Elle restait debout, et le regardait avec un sourire de mépris, en attendant que le valet sortit.

— Qu’est-ce encore ? Qu’avez-vous fait, je vous le demande ? prononça-t-elle sévèrement.

— Moi ? Quoi, moi ? — dit Pierre.

— Ah ! on veut se montrer brave ! Eh bien, répondez, que signifie ce duel ? Qu’avez-vous voulu prouver ainsi ? Quoi, je vous le demande ? Pierre se renversait lourdement sur le divan, ouvrait la bouche et ne pouvait répondre.

— Si vous ne répondez pas, alors moi je vous le dirai, continua Hélène. Vous croyez tout ce qu’on vous dit. On vous a dit… — elle riait — que Dolokhov est mon amant (dit-elle en français en appuyant grossièrement sur le mot amant), et vous l’avez cru. Eh bien, qu’avez-vous prouvé par cela ? qu’avez-vous prouvé par ce duel ? Que vous êtes un sot. Tout le monde le sait. À quoi mènera tout cela ? C’est que je deviens le sujet de raillerie de tout Moscou, que chacun dira que vous, étant ivre, avez provoqué en duel un homme dont vous n’aviez aucune raison d’être jaloux — Hélène haussait la voix de plus en plus et s’animait — et qui est mieux que vous sous tous les rapports…

— Hum ! hum ! toussotait Pierre en fronçant les sourcils, sans regarder sa femme et sans se mouvoir.

— Pourquoi, pourquoi l’avez-vous cru mon amant ? Pourquoi ? Parce que j’aime sa société ? Si vous étiez plus intelligent et plus agréable, je préférerais la vôtre.

— Ne me parlez pas… je vous en prie… — murmura Pierre d’une voix rauque.

— Pourquoi ne parlerais-je pas ? Je peux dire et dirai hautement qu’il y a peu de femmes qui, avec un mari tel que vous, ne prendraient pas d’amant, et moi je ne l’ai pas fait.

Pierre voulait parler ; il la regarda avec des yeux étranges dont elle ne comprit pas l’expression, et de nouveau se recoucha.

En ce moment il souffrait physiquement. Sa poitrine était oppressée, il ne pouvait respirer.
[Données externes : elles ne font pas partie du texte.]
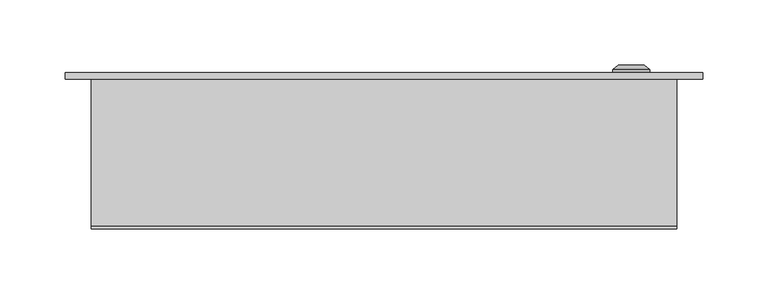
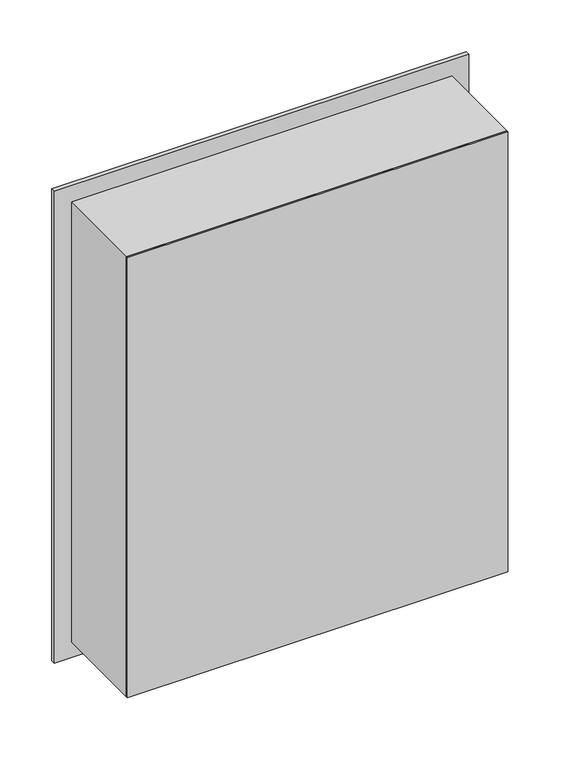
"""IFC4 building model written with IfcOpenShell, lengths in millimetres: proxy geometry, ЩРВ_54 : ЩРВ-54."""

from ifc_helpers import new_model, si_unit, frame, origin, origin_with_axes, place, context, project, spatial, polyline, circle_curve, outline, extrude, source, transform, mapped, element, save
from ifc_brep_helpers import plane_surface, cylinder_surface, revolved_surface, advanced_brep


def electrical_equipment_3a378906(model_context):
    return source(origin(), model_context, "Body", "SolidModel", [
        extrude(outline(polyline([(570.0, -245.0033905), (-20.0, -245.0033905), (-20.0, 244.9966095), (570.0, 244.9966095), (570.0, -245.0033905)]), holes=[polyline([(545.0, -220.0), (545.0, 220.0), (5.0, 220.0), (5.0, -220.0), (545.0, -220.0)])]), frame((0.0, 115.0, 0.0), z_axis=(0.0, 1.0, 0.0), x_axis=(0.0, 0.0, 1.0)), (0.0, 0.0, 1.0), 5.0),
        advanced_brep(
        [(175.669873, 120.0, 275.0), (204.330127, 120.0, 275.0), (190.0, 120.0, 275.0), (175.669873, 122.366592, 275.0), (204.330127, 122.366592, 275.0), (180.0, 126.0, 275.0), (200.0, 126.0, 275.0), (188.1080471, 126.0, 275.0), (191.8919529, 126.0, 275.0), (188.1080471, 124.9822294, 275.0), (191.8919529, 124.9822294, 275.0), (190.0, 124.9822294, 275.0)],
        [
            (0, 1, circle_curve(frame((190.0, 120.0, 275.0), z_axis=(0.0, -1.0, 0.0), x_axis=(1.0, 0.0, 0.0)), 14.330127)),
            (1, 2),
            (2, 0),
            (1, 0, circle_curve(frame((190.0, 120.0, 275.0), z_axis=(0.0, -1.0, 0.0), x_axis=(1.0, 0.0, 0.0)), 14.330127)),
            (3, 4, circle_curve(frame((190.0, 122.366592, 275.0), z_axis=(0.0, -1.0, 0.0), x_axis=(1.0, 0.0, 0.0)), 14.330127)),
            (4, 1),
            (0, 3),
            (4, 3, circle_curve(frame((190.0, 122.366592, 275.0), z_axis=(0.0, -1.0, 0.0), x_axis=(1.0, 0.0, 0.0)), 14.330127)),
            (5, 6, circle_curve(frame((190.0, 126.0, 275.0), z_axis=(0.0, -1.0, 0.0), x_axis=(1.0, 0.0, 0.0)), 10.0)),
            (6, 4),
            (3, 5),
            (6, 5, circle_curve(frame((190.0, 126.0, 275.0), z_axis=(0.0, -1.0, 0.0), x_axis=(1.0, 0.0, 0.0)), 10.0)),
            (7, 8, circle_curve(frame((190.0, 126.0, 275.0), z_axis=(0.0, -1.0, 0.0), x_axis=(1.0, 0.0, 0.0)), 1.8919529)),
            (8, 6),
            (5, 7),
            (8, 7, circle_curve(frame((190.0, 126.0, 275.0), z_axis=(0.0, -1.0, 0.0), x_axis=(1.0, 0.0, 0.0)), 1.8919529)),
            (9, 10, circle_curve(frame((190.0, 124.9822294, 275.0), z_axis=(0.0, -1.0, 0.0), x_axis=(1.0, 0.0, 0.0)), 1.8919529)),
            (10, 8),
            (7, 9),
            (10, 9, circle_curve(frame((190.0, 124.9822294, 275.0), z_axis=(0.0, -1.0, 0.0), x_axis=(1.0, 0.0, 0.0)), 1.8919529)),
            (11, 10),
            (9, 11),
        ],
        [
            plane_surface(frame((190.0, 120.0, 275.0), z_axis=(0.0, -1.0, 0.0), x_axis=(1.0, 0.0, 0.0))),
            cylinder_surface(frame((190.0, 133.1348851, 275.0), z_axis=(0.0, 1.0, 0.0), x_axis=(1.0, 0.0, 0.0)), 14.330127),
            revolved_surface(polyline([(204.330127, 122.366592, 275.0), (200.0, 126.0, 275.0)]), (190.0, 133.1348851, 275.0), (0.0, 1.0, 0.0)),
            plane_surface(frame((190.0, 126.0, 275.0), z_axis=(0.0, 1.0, 0.0), x_axis=(1.0, 0.0, 0.0))),
            revolved_surface(polyline([(191.8919529, 126.0, 275.0), (191.8919529, 124.9822294, 275.0)]), (190.0, 133.1348851, 275.0), (0.0, 1.0, 0.0)),
            plane_surface(frame((190.0, 124.9822294, 275.0), z_axis=(0.0, 1.0, 0.0), x_axis=(1.0, 0.0, 0.0))),
        ],
        [
            (0, [[1, 2, 3]]),
            (0, [[4, -3, -2]]),
            (1, [[5, 6, -1, 7]]),
            (1, [[8, -7, -4, -6]]),
            (2, [[9, 10, -5, 11]]),
            (2, [[12, -11, -8, -10]]),
            (3, [[13, 14, -9, 15]]),
            (3, [[16, -15, -12, -14]]),
            (4, [[17, 18, -13, 19]]),
            (4, [[20, -19, -16, -18]]),
            (5, [[21, -17, 22]]),
            (5, [[-22, -20, -21]]),
        ],
    ),
        extrude(outline(polyline([(219.0, 115.0), (-219.0, 115.0), (-219.0, 120.0), (219.0, 120.0), (219.0, 115.0)])), frame((0.0, 0.0, 6.0), z_axis=(0.0, 0.0, 1.0), x_axis=(1.0, 0.0, 0.0)), (0.0, 0.0, 1.0), 538.0),
        extrude(outline(polyline([(550.0, -225.0033905), (0.0, -225.0033905), (0.0, 224.9966095), (550.0, 224.9966095), (550.0, -225.0033905)]), holes=[polyline([(545.0, -220.0), (545.0, 220.0), (5.0, 220.0), (5.0, -220.0), (545.0, -220.0)])]), frame((0.0, 2.0, 0.0), z_axis=(0.0, 1.0, 0.0), x_axis=(0.0, 0.0, 1.0)), (0.0, 0.0, 1.0), 113.0),
        extrude(outline(polyline([(225.0, 0.0), (-225.0, 0.0), (-225.0, 2.0), (225.0, 2.0), (225.0, 0.0)])), origin_with_axes(), (0.0, 0.0, 1.0), 550.0),
    ])


if __name__ == "__main__":
    model = new_model("IFC4")
    model_context = context("Model", 3, world=origin())
    ifc_project = project(units=[si_unit("LENGTHUNIT", "METRE", prefix="MILLI")], contexts=[model_context])
    site = spatial("IfcSite", under=ifc_project)
    building = spatial("IfcBuilding", under=site)
    placement = place(None, origin())
    electrical_equipment_shape = electrical_equipment_3a378906(model_context)
    element("IfcBuildingElementProxy", 1, Name="ЩРВ_54 : ЩРВ-54", ObjectType="ЩРВ_54 : ЩРВ-54", at=placement, inside=building, context=model_context, shape_type="MappedRepresentation", body=[
        mapped(electrical_equipment_shape, transform((0.0, 0.0, 0.0), x_axis=(1.0, 0.0, 0.0), y_axis=(0.0, 1.0, 0.0), z_axis=(0.0, 0.0, 1.0))),
    ])
    save(model, "model.ifc")

Il savait qu’il lui fallait faire quelque chose pour mettre fin à cette souffrance, mais ce qu’il voulait faire était trop terrible.

— Il vaut mieux nous séparer, prononça-t-il d une voix suffocante.

— Si vous voulez, à la condition que vous me donniez la fortune, dit Hélène. — Nous séparer, c’est avec quoi vous pensez m’effrayer !

Pierre bondit du divan, et, en chancelant, il s’élança vers elle.

— Je te tuerai ! s’écria-t-il en arrachant, avec une force qu’elle ne lui supposait pas, le dessus de marbre de la table qu’il souleva en faisant un pas vers elle.

Le visage d’Hélène devint terrible. Elle poussa un cri et fit un bond en arrière : la race de son père se montrait en lui. Pierre sentait l’entraînement et le charme de la fureur. Il jeta la plaque de marbre qui se brisa et, les bras tendus, il s’approcha d’elle et lui cria : « Sortez ! » d’une voix si terrible que toute la maison, avec effroi, entendit ce cri. Dieu sait ce qu’aurait fait Pierre si Hélène ne s’était enfuie de la chambre.

Une semaine plus tard Pierre remit à sa femme une procuration pour régir toutes ses terres de Grande-Russie, ce qui représentait la plus grosse moitié de sa fortune, et il partit seul à Pétersbourg.